限制癌症化疗效果的因素包括肿瘤细胞普遍缺乏对抗癌药物的优先摄取以及耐药性的出现。人们已经采取一种方法来探索是否可以通过开发一类新型抗癌分子——细胞毒性脂核苷酸类似物,在治疗上有利地改变或规避这些情况。细胞毒性脂核苷酸类似物的设计涵盖了脂核苷酸和甘油磷脂结构与代谢的生物化学和生物物理方面。测试了几种含有1-β-D-阿拉伯呋喃糖基部分的胞苷二磷酸二酰基甘油(CDP二酰基甘油/dCDP二酰基甘油)的细胞毒性脂核苷酸类似物的抗肿瘤活性。含有卵磷脂衍生的混合脂肪酰链的多物种阿糖胞苷二磷酸二酰基甘油(1-β-D-阿拉伯呋喃糖基胞嘧啶5'-二磷酸二酰基甘油),在对抗小鼠白血病L5178Y和P388腹水细胞方面,比临床使用的抗癌药物1-β-D-阿拉伯呋喃糖基胞嘧啶(阿糖胞苷)更具活性。

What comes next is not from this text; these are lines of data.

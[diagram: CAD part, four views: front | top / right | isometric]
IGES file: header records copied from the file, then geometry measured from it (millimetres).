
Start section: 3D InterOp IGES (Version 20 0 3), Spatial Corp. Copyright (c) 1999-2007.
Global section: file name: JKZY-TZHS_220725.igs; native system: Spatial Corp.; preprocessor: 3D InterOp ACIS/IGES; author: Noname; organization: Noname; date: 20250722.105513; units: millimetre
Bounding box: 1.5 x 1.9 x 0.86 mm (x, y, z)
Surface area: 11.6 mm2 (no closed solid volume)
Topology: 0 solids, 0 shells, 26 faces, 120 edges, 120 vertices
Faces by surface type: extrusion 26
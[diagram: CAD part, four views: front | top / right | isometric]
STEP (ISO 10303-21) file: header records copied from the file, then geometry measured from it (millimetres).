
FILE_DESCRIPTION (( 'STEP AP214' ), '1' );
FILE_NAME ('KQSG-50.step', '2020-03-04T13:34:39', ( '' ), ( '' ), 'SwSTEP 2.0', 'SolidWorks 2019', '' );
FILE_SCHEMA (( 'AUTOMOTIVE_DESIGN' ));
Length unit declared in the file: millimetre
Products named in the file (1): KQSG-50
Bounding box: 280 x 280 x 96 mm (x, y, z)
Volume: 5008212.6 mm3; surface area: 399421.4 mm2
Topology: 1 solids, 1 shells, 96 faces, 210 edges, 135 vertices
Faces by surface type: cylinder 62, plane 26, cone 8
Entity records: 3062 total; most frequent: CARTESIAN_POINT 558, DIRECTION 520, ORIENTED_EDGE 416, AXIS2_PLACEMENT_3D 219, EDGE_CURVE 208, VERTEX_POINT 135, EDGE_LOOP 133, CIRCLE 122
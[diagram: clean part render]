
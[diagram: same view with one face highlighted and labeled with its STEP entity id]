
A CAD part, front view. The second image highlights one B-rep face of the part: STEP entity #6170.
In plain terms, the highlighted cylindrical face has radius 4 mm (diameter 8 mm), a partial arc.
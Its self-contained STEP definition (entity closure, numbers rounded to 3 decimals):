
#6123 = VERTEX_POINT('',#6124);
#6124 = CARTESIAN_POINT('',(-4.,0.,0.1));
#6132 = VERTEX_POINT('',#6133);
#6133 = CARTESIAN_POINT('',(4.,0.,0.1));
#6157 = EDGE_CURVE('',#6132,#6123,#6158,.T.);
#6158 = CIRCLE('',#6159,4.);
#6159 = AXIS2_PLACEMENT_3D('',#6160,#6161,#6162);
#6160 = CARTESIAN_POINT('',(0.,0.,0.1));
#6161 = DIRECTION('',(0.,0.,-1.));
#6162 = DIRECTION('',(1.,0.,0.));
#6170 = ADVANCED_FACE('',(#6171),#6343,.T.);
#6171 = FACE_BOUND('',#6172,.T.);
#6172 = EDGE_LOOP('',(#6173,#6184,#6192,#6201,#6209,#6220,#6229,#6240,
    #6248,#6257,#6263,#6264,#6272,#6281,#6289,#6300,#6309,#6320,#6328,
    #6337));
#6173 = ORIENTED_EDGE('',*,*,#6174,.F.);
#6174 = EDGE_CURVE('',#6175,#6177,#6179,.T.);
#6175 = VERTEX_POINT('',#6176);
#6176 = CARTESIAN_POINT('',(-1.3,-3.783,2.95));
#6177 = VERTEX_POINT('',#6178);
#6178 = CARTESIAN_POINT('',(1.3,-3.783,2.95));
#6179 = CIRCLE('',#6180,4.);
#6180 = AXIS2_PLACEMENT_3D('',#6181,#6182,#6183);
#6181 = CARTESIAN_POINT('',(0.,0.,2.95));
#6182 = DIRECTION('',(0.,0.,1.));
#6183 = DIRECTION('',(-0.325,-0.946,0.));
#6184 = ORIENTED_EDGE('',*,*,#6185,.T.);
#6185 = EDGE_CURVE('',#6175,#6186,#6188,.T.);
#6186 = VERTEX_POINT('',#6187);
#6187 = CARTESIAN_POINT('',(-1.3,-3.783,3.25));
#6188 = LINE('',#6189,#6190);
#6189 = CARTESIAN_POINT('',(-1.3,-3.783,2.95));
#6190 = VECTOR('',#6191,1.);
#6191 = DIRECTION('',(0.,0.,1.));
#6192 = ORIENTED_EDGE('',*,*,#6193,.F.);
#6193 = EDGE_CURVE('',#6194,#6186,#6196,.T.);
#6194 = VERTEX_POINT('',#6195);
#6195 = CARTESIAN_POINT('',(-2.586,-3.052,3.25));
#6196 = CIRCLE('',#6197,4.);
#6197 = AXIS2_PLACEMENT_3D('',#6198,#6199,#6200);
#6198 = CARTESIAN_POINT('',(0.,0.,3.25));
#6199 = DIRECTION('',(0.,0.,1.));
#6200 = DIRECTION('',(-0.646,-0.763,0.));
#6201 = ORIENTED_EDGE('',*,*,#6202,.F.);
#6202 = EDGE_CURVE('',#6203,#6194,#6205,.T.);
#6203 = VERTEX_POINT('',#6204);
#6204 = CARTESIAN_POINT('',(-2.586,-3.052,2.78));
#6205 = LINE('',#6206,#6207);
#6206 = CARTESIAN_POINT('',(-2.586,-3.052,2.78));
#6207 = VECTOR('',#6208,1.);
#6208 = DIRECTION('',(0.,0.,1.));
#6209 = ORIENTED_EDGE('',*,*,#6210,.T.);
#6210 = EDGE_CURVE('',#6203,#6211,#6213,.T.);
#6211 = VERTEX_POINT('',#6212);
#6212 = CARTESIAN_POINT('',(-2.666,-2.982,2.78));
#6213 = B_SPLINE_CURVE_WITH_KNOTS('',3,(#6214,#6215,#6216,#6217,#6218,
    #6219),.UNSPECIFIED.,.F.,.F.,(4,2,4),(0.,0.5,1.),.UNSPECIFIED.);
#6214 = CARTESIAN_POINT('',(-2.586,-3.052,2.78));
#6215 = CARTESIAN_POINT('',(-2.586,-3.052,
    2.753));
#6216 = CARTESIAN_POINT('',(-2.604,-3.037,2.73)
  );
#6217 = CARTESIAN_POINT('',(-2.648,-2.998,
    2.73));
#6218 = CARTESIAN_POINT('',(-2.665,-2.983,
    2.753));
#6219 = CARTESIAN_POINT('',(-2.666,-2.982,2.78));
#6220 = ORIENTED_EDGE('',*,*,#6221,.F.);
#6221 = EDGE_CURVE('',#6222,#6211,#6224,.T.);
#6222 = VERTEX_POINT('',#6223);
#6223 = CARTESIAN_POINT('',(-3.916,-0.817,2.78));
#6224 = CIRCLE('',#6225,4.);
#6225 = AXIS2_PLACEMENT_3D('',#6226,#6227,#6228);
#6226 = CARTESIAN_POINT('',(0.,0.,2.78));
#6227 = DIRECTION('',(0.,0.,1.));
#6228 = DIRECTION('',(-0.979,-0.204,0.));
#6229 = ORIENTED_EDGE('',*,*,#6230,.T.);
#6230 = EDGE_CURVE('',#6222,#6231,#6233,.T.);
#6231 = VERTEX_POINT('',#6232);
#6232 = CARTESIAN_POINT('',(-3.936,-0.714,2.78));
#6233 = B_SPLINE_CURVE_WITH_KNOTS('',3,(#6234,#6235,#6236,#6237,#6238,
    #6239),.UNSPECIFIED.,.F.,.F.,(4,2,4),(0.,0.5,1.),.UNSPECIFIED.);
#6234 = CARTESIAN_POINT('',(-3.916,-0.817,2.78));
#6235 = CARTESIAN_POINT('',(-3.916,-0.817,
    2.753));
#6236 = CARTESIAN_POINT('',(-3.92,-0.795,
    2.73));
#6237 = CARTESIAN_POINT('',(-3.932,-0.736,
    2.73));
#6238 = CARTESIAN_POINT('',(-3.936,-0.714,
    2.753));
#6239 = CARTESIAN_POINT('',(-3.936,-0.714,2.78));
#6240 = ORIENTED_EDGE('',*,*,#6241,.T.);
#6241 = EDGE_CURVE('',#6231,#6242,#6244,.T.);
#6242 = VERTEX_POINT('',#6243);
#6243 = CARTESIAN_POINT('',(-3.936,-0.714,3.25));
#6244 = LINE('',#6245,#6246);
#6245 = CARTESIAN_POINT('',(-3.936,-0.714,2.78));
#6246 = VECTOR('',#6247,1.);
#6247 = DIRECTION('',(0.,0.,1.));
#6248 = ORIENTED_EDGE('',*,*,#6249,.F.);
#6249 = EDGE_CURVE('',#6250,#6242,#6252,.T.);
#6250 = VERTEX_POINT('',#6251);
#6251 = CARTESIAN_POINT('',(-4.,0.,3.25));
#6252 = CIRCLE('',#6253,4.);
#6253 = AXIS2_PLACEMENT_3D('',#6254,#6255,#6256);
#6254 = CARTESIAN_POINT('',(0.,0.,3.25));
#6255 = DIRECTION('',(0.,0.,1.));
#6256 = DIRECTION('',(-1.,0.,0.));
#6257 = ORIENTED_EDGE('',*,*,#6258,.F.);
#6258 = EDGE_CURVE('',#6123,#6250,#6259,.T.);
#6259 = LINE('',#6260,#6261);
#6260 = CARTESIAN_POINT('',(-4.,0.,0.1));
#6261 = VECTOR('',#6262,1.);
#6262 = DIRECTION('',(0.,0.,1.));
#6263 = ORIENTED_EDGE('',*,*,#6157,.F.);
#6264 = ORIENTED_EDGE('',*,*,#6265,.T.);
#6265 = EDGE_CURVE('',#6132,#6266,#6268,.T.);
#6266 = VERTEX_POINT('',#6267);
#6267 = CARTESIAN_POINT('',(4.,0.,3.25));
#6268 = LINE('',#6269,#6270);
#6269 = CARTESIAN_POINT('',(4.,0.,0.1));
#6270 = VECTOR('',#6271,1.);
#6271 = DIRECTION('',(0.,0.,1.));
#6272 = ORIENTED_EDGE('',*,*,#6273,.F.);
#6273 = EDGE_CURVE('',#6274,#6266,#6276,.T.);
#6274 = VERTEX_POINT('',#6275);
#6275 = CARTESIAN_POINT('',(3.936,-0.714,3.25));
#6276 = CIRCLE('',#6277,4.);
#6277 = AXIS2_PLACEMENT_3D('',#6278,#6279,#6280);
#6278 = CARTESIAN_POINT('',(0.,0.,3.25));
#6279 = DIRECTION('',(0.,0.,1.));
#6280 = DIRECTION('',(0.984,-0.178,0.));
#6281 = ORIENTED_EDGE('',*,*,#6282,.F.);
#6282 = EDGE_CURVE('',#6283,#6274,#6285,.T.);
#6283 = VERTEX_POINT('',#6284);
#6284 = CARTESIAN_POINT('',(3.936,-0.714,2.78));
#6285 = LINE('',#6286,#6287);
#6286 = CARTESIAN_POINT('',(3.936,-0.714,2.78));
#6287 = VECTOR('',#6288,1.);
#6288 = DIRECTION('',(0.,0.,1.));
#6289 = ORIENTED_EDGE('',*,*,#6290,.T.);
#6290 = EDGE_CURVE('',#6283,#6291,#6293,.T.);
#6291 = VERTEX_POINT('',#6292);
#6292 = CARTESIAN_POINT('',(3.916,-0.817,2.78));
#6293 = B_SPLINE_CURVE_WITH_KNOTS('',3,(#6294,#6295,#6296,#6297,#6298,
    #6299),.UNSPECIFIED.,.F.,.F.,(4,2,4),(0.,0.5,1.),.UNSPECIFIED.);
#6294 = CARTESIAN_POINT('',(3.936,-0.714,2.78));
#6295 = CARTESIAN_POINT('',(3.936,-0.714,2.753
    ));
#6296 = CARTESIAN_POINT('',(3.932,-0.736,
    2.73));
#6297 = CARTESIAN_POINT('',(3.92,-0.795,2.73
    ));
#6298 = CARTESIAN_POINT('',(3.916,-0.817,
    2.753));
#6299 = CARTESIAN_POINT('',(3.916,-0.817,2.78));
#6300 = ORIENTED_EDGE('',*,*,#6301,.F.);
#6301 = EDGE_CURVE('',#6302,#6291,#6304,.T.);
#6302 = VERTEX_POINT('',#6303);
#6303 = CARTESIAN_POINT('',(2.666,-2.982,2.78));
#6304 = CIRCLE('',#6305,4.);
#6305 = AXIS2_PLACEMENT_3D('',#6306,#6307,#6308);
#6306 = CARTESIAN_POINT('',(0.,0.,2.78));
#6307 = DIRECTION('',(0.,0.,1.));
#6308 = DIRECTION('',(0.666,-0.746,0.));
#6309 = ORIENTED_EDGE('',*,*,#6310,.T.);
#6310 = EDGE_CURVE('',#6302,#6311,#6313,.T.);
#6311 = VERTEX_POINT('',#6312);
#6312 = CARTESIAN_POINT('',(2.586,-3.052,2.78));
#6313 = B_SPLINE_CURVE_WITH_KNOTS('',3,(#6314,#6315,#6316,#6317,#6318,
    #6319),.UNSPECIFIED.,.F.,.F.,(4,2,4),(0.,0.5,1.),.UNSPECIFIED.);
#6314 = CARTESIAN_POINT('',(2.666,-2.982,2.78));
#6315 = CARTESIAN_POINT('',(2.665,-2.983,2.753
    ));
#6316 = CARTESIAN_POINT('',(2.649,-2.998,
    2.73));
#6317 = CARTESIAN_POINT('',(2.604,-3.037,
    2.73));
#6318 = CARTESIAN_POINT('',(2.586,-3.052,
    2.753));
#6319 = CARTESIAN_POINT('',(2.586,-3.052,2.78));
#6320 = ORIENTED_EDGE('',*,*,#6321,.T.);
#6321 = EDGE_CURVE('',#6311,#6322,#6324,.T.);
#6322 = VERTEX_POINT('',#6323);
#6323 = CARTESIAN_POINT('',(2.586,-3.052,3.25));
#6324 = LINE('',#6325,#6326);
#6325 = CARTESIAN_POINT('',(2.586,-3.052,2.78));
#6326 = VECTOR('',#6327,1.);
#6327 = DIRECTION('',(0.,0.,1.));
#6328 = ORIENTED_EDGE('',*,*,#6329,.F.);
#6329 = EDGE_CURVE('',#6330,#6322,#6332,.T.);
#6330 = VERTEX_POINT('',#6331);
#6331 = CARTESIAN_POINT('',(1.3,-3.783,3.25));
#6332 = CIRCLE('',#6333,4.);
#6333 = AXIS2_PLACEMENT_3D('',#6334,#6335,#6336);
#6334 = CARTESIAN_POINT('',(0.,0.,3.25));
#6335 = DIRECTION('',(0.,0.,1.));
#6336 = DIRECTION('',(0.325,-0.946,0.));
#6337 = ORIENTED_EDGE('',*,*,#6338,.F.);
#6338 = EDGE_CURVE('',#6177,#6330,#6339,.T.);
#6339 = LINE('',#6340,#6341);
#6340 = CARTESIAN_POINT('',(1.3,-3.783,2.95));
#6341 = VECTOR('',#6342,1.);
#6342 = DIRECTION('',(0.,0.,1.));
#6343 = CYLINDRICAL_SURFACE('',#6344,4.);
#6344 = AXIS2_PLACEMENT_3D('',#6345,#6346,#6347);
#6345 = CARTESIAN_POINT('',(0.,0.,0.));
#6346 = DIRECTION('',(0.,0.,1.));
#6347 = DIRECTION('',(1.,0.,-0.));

以相同的单次腹腔注射剂量(每天50 mg/kg,共4次)给药时,阿糖胞苷二磷酸二酰基甘油使L5178Y荷瘤小鼠的寿命延长了93%,而阿糖胞苷使寿命延长了18%。在每天50 mg/kg,共4次的剂量下,阿糖胞苷二磷酸二酰基甘油使P388荷瘤小鼠的寿命延长了357%;阿糖胞苷的最大增幅为159%(每天85 mg/kg,共4次)。在小鼠中,针对一种P/D88阿糖胞苷耐药细胞系(P/Ara-C,激酶缺陷型),阿糖胞苷二磷酸二酰基甘油在每天50 mg/kg,共4次的剂量下使存活时间延长了34%,在每天75 mg/kg,共4次的剂量下延长了55%;该药物对另外两种阿糖胞苷耐药的小鼠白血病突变体(CA 55、CA5b)无活性。对于在接受抗胸腺细胞血清免疫抑制的小鼠中生长的细胞系来源的人结肠癌HCT-15,每天单次剂量50 mg/kg,共4次的阿糖胞苷二磷酸二酰基甘油显著将肿瘤重量降低至对照组的21%;相同剂量方案的阿糖胞苷未观察到肿瘤重量的降低。这些初步抗肿瘤评估的结果表明,应进一步研究细胞毒性脂核苷酸类似物,以确定它们作为抗肿瘤分子的潜力。